Every line in the data below from the one containing "#1678=VECTOR('',#12537,10.);" down to the one containing "#4358=VERTEX_POINT('',#14788);", both included, must be retyped exactly; no other line is to appear.

----

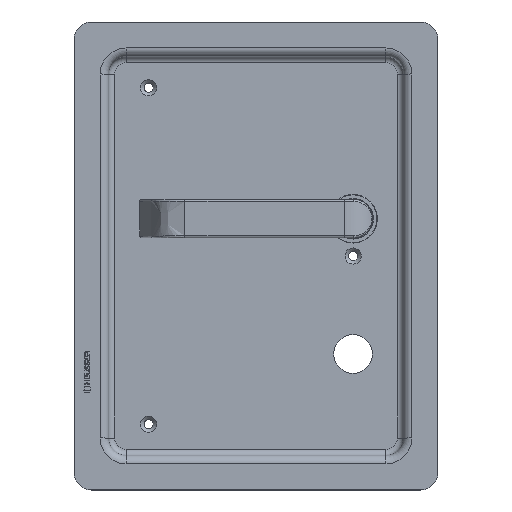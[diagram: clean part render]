
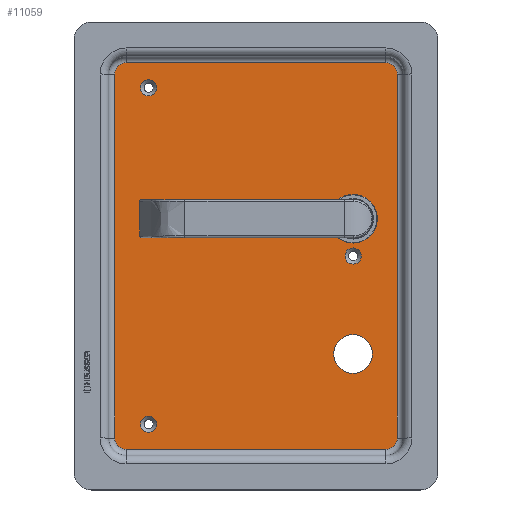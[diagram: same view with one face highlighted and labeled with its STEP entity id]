
A CAD part, top view. The second image highlights one B-rep face of the part: STEP entity #11059.
In plain terms, the highlighted planar face has unit normal (0, 0, 1).
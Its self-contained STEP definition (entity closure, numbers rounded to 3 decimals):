
#720=LINE('',#14777,#1673);
#721=LINE('',#14785,#1674);
#722=LINE('',#14795,#1675);
#725=LINE('',#14807,#1678);
#1673=VECTOR('',#12498,10.);
#1674=VECTOR('',#12509,10.);
#1675=VECTOR('',#12522,10.);
#1678=VECTOR('',#12537,10.);
#2679=FACE_BOUND('',#3618,.T.);
#2680=FACE_BOUND('',#3619,.T.);
#2681=FACE_BOUND('',#3620,.T.);
#2682=FACE_BOUND('',#3621,.T.);
#2683=FACE_BOUND('',#3622,.T.);
#2970=FACE_OUTER_BOUND('',#3617,.T.);
#3617=EDGE_LOOP('',(#7993,#7994,#7995,#7996,#7997,#7998,#7999,#8000));
#3618=EDGE_LOOP('',(#8001));
#3619=EDGE_LOOP('',(#8002));
#3620=EDGE_LOOP('',(#8003));
#3621=EDGE_LOOP('',(#8004));
#3622=EDGE_LOOP('',(#8005));
#4137=CIRCLE('',#11592,6.5);
#4140=CIRCLE('',#11597,6.5);
#4143=CIRCLE('',#11602,6.5);
#4147=CIRCLE('',#11608,6.5);
#4170=CIRCLE('',#11758,4.65);
#4171=CIRCLE('',#11760,4.65);
#4172=CIRCLE('',#11762,14.);
#4173=CIRCLE('',#11763,11.15);
#4174=CIRCLE('',#11764,4.65);
#4353=VERTEX_POINT('',#14770);
#4354=VERTEX_POINT('',#14772);
#4355=VERTEX_POINT('',#14776);
#4356=VERTEX_POINT('',#14780);
#4357=VERTEX_POINT('',#14784);
#4358=VERTEX_POINT('',#14788);
#4360=VERTEX_POINT('',#14794);
#4362=VERTEX_POINT('',#14800);
#4640=VERTEX_POINT('',#16362);
#4641=VERTEX_POINT('',#16365);
#4642=VERTEX_POINT('',#16368);
#4643=VERTEX_POINT('',#16370);
#4644=VERTEX_POINT('',#16372);
#5429=EDGE_CURVE('',#4354,#4353,#4137,.T.);
#5431=EDGE_CURVE('',#4355,#4354,#720,.T.);
#5433=EDGE_CURVE('',#4356,#4355,#4140,.T.);
#5435=EDGE_CURVE('',#4357,#4356,#721,.T.);
#5437=EDGE_CURVE('',#4358,#4357,#4143,.T.);
#5440=EDGE_CURVE('',#4360,#4358,#722,.T.);
#5443=EDGE_CURVE('',#4362,#4360,#4147,.T.);
#5447=EDGE_CURVE('',#4353,#4362,#725,.T.);
#5868=EDGE_CURVE('',#4640,#4640,#4170,.T.);
#5869=EDGE_CURVE('',#4641,#4641,#4171,.T.);
#5870=EDGE_CURVE('',#4642,#4642,#4172,.T.);
#5871=EDGE_CURVE('',#4643,#4643,#4173,.T.);
#5872=EDGE_CURVE('',#4644,#4644,#4174,.T.);
#7993=ORIENTED_EDGE('',*,*,#5447,.T.);
#7994=ORIENTED_EDGE('',*,*,#5443,.T.);
#7995=ORIENTED_EDGE('',*,*,#5440,.T.);
#7996=ORIENTED_EDGE('',*,*,#5437,.T.);
#7997=ORIENTED_EDGE('',*,*,#5435,.T.);
#7998=ORIENTED_EDGE('',*,*,#5433,.T.);
#7999=ORIENTED_EDGE('',*,*,#5431,.T.);
#8000=ORIENTED_EDGE('',*,*,#5429,.T.);
#8001=ORIENTED_EDGE('',*,*,#5870,.T.);
#8002=ORIENTED_EDGE('',*,*,#5871,.T.);
#8003=ORIENTED_EDGE('',*,*,#5869,.F.);
#8004=ORIENTED_EDGE('',*,*,#5868,.F.);
#8005=ORIENTED_EDGE('',*,*,#5872,.F.);
#10033=PLANE('',#11761);
#11059=ADVANCED_FACE('',(#2970,#2679,#2680,#2681,#2682,#2683),#10033,.F.);
#11592=AXIS2_PLACEMENT_3D('',#14773,#12492,#12493);
#11597=AXIS2_PLACEMENT_3D('',#14781,#12503,#12504);
#11602=AXIS2_PLACEMENT_3D('',#14789,#12514,#12515);
#11608=AXIS2_PLACEMENT_3D('',#14801,#12528,#12529);
#11758=AXIS2_PLACEMENT_3D('',#16363,#13108,#13109);
#11760=AXIS2_PLACEMENT_3D('',#16366,#13112,#13113);
#11761=AXIS2_PLACEMENT_3D('',#16367,#13114,#13115);
#11762=AXIS2_PLACEMENT_3D('',#16369,#13116,#13117);
#11763=AXIS2_PLACEMENT_3D('',#16371,#13118,#13119);
#11764=AXIS2_PLACEMENT_3D('',#16373,#13120,#13121);
#12492=DIRECTION('center_axis',(0.,0.,
1.));
#12493=DIRECTION('ref_axis',(-0.707,-0.707,0.));
#12498=DIRECTION('',(0.,-1.,0.));
#12503=DIRECTION('center_axis',(0.,0.,
1.));
#12504=DIRECTION('ref_axis',(-0.707,0.707,0.));
#12509=DIRECTION('',(-1.,0.,0.));
#12514=DIRECTION('center_axis',(0.,0.,
1.));
#12515=DIRECTION('ref_axis',(0.707,0.707,0.));
#12522=DIRECTION('',(0.,1.,0.));
#12528=DIRECTION('center_axis',(0.,0.,
1.));
#12529=DIRECTION('ref_axis',(0.707,-0.707,0.));
#12537=DIRECTION('',(1.,0.,0.));
#13108=DIRECTION('center_axis',(0.,0.,
1.));
#13109=DIRECTION('ref_axis',(-1.,0.,0.));
#13112=DIRECTION('center_axis',(0.,0.,
1.));
#13113=DIRECTION('ref_axis',(-1.,0.,0.));
#13114=DIRECTION('center_axis',(0.,0.,
-1.));
#13115=DIRECTION('ref_axis',(-1.,0.,0.));
#13116=DIRECTION('center_axis',(0.,0.,
-1.));
#13117=DIRECTION('ref_axis',(0.,1.,0.));
#13118=DIRECTION('center_axis',(0.,0.,
-1.));
#13119=DIRECTION('ref_axis',(-1.,0.,0.));
#13120=DIRECTION('center_axis',(0.,0.,
1.));
#13121=DIRECTION('ref_axis',(-1.,0.,0.));
#14770=CARTESIAN_POINT('',(-102.185,-90.141,-9.));
#14772=CARTESIAN_POINT('',(-108.685,-83.641,-9.));
#14773=CARTESIAN_POINT('Origin',(-102.185,-83.641,-9.));
#14776=CARTESIAN_POINT('',(-108.685,126.359,-9.));
#14777=CARTESIAN_POINT('',(-108.685,73.859,-9.));
#14780=CARTESIAN_POINT('',(-102.185,132.859,-9.));
#14781=CARTESIAN_POINT('Origin',(-102.185,126.359,-9.));
#14784=CARTESIAN_POINT('',(47.815,132.859,-9.));
#14785=CARTESIAN_POINT('',(10.315,132.859,-9.));
#14788=CARTESIAN_POINT('',(54.315,126.359,-9.));
#14789=CARTESIAN_POINT('Origin',(47.815,126.359,-9.));
#14794=CARTESIAN_POINT('',(54.315,-83.641,-9.));
#14795=CARTESIAN_POINT('',(54.315,-31.141,-9.));
#14800=CARTESIAN_POINT('',(47.815,-90.141,-9.));
#14801=CARTESIAN_POINT('Origin',(47.815,-83.641,-9.));
#14807=CARTESIAN_POINT('',(-64.685,-90.141,-9.));
#16362=CARTESIAN_POINT('',(33.465,21.359,-9.));
#16363=CARTESIAN_POINT('Origin',(28.815,21.359,-9.));
#16365=CARTESIAN_POINT('',(-84.535,-75.641,-9.));
#16366=CARTESIAN_POINT('Origin',(-89.185,-75.641,-9.));
#16367=CARTESIAN_POINT('Origin',(-27.185,21.359,-9.));
#16368=CARTESIAN_POINT('',(28.815,28.859,-9.));
#16369=CARTESIAN_POINT('Origin',(28.815,42.859,-9.));
#16370=CARTESIAN_POINT('',(39.965,-35.141,-9.));
#16371=CARTESIAN_POINT('Origin',(28.815,-35.141,-9.));
#16372=CARTESIAN_POINT('',(-84.535,118.359,-9.));
#16373=CARTESIAN_POINT('Origin',(-89.185,118.359,-9.));

----

◆ ANSWER SPACE:
#1678=VECTOR('',#12537,10.);
#2679=FACE_BOUND('',#3618,.T.);
#2680=FACE_BOUND('',#3619,.T.);
#2681=FACE_BOUND('',#3620,.T.);
#2682=FACE_BOUND('',#3621,.T.);
#2683=FACE_BOUND('',#3622,.T.);
#2970=FACE_OUTER_BOUND('',#3617,.T.);
#3617=EDGE_LOOP('',(#7993,#7994,#7995,#7996,#7997,#7998,#7999,#8000));
#3618=EDGE_LOOP('',(#8001));
#3619=EDGE_LOOP('',(#8002));
#3620=EDGE_LOOP('',(#8003));
#3621=EDGE_LOOP('',(#8004));
#3622=EDGE_LOOP('',(#8005));
#4137=CIRCLE('',#11592,6.5);
#4140=CIRCLE('',#11597,6.5);
#4143=CIRCLE('',#11602,6.5);
#4147=CIRCLE('',#11608,6.5);
#4170=CIRCLE('',#11758,4.65);
#4171=CIRCLE('',#11760,4.65);
#4172=CIRCLE('',#11762,14.);
#4173=CIRCLE('',#11763,11.15);
#4174=CIRCLE('',#11764,4.65);
#4353=VERTEX_POINT('',#14770);
#4354=VERTEX_POINT('',#14772);
#4355=VERTEX_POINT('',#14776);
#4356=VERTEX_POINT('',#14780);
#4357=VERTEX_POINT('',#14784);
#4358=VERTEX_POINT('',#14788);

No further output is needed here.